> HOW TO COMPLETE THIS TASK: All records are to be retyped faithfully and completely.

> PROVIDED RECORDS:

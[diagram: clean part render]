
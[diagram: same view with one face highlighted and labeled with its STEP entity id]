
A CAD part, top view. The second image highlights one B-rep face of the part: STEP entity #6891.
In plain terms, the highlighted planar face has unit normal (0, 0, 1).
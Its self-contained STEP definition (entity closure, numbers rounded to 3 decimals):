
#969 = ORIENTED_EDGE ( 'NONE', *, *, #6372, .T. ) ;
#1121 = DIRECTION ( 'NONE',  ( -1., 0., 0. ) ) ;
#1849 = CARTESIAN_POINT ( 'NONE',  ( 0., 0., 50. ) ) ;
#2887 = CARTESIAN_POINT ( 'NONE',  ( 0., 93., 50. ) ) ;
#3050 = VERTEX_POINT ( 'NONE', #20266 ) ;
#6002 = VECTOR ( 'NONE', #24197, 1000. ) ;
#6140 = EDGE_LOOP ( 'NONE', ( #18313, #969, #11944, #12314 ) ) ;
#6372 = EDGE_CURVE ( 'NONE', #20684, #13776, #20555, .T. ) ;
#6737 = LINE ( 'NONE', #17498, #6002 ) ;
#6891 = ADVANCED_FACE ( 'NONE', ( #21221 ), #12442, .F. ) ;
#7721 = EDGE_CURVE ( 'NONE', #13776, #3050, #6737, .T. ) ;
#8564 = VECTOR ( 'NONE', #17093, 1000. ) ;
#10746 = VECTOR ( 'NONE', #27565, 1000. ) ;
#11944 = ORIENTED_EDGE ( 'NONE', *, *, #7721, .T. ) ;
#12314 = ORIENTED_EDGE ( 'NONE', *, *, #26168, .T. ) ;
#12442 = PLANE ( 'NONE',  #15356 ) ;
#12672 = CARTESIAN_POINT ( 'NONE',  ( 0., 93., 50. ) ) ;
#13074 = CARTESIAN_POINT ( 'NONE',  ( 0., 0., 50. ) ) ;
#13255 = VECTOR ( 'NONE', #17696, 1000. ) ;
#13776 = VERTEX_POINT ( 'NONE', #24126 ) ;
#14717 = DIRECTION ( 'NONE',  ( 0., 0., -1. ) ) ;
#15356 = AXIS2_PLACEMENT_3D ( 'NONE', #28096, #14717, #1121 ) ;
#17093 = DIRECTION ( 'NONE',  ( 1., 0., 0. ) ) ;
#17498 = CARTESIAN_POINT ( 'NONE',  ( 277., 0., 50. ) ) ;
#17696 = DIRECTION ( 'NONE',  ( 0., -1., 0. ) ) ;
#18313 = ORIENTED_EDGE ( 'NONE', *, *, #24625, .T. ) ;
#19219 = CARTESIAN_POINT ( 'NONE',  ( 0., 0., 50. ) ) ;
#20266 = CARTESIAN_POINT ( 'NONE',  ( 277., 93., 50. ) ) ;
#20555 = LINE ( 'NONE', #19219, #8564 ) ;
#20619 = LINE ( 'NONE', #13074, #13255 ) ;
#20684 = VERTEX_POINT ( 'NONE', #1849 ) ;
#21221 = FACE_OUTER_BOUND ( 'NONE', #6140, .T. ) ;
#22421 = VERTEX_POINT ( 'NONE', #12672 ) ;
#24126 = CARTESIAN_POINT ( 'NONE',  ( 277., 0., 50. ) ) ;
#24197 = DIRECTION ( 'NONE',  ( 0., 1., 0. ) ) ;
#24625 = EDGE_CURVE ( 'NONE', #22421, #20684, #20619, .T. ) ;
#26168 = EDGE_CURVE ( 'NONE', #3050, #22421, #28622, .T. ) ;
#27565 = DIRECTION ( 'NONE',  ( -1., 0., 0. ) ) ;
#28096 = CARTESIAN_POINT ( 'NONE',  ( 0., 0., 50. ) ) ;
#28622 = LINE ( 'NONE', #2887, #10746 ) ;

> EXPECTED OUTPUT:
[diagram: clean part render]
[diagram: same view with one face highlighted and labeled with its STEP entity id]
A CAD part, top view. The second image highlights one B-rep face of the part: STEP entity #6891.
In plain terms, the highlighted planar face has unit normal (0, 0, 1).
Its self-contained STEP definition (entity closure, numbers rounded to 3 decimals):
#969 = ORIENTED_EDGE ( 'NONE', *, *, #6372, .T. ) ;
#1121 = DIRECTION ( 'NONE',  ( -1., 0., 0. ) ) ;
#1849 = CARTESIAN_POINT ( 'NONE',  ( 0., 0., 50. ) ) ;
#2887 = CARTESIAN_POINT ( 'NONE',  ( 0., 93., 50. ) ) ;
#3050 = VERTEX_POINT ( 'NONE', #20266 ) ;
#6002 = VECTOR ( 'NONE', #24197, 1000. ) ;
#6140 = EDGE_LOOP ( 'NONE', ( #18313, #969, #11944, #12314 ) ) ;
#6372 = EDGE_CURVE ( 'NONE', #20684, #13776, #20555, .T. ) ;
#6737 = LINE ( 'NONE', #17498, #6002 ) ;
#6891 = ADVANCED_FACE ( 'NONE', ( #21221 ), #12442, .F. ) ;
#7721 = EDGE_CURVE ( 'NONE', #13776, #3050, #6737, .T. ) ;
#8564 = VECTOR ( 'NONE', #17093, 1000. ) ;
#10746 = VECTOR ( 'NONE', #27565, 1000. ) ;
#11944 = ORIENTED_EDGE ( 'NONE', *, *, #7721, .T. ) ;
#12314 = ORIENTED_EDGE ( 'NONE', *, *, #26168, .T. ) ;
#12442 = PLANE ( 'NONE',  #15356 ) ;
#12672 = CARTESIAN_POINT ( 'NONE',  ( 0., 93., 50. ) ) ;
#13074 = CARTESIAN_POINT ( 'NONE',  ( 0., 0., 50. ) ) ;
#13255 = VECTOR ( 'NONE', #17696, 1000. ) ;
#13776 = VERTEX_POINT ( 'NONE', #24126 ) ;
#14717 = DIRECTION ( 'NONE',  ( 0., 0., -1. ) ) ;
#15356 = AXIS2_PLACEMENT_3D ( 'NONE', #28096, #14717, #1121 ) ;
#17093 = DIRECTION ( 'NONE',  ( 1., 0., 0. ) ) ;
#17498 = CARTESIAN_POINT ( 'NONE',  ( 277., 0., 50. ) ) ;
#17696 = DIRECTION ( 'NONE',  ( 0., -1., 0. ) ) ;
#18313 = ORIENTED_EDGE ( 'NONE', *, *, #24625, .T. ) ;
#19219 = CARTESIAN_POINT ( 'NONE',  ( 0., 0., 50. ) ) ;
#20266 = CARTESIAN_POINT ( 'NONE',  ( 277., 93., 50. ) ) ;
#20555 = LINE ( 'NONE', #19219, #8564 ) ;
#20619 = LINE ( 'NONE', #13074, #13255 ) ;
#20684 = VERTEX_POINT ( 'NONE', #1849 ) ;
#21221 = FACE_OUTER_BOUND ( 'NONE', #6140, .T. ) ;
#22421 = VERTEX_POINT ( 'NONE', #12672 ) ;
#24126 = CARTESIAN_POINT ( 'NONE',  ( 277., 0., 50. ) ) ;
#24197 = DIRECTION ( 'NONE',  ( 0., 1., 0. ) ) ;
#24625 = EDGE_CURVE ( 'NONE', #22421, #20684, #20619, .T. ) ;
#26168 = EDGE_CURVE ( 'NONE', #3050, #22421, #28622, .T. ) ;
#27565 = DIRECTION ( 'NONE',  ( -1., 0., 0. ) ) ;
#28096 = CARTESIAN_POINT ( 'NONE',  ( 0., 0., 50. ) ) ;
#28622 = LINE ( 'NONE', #2887, #10746 ) ;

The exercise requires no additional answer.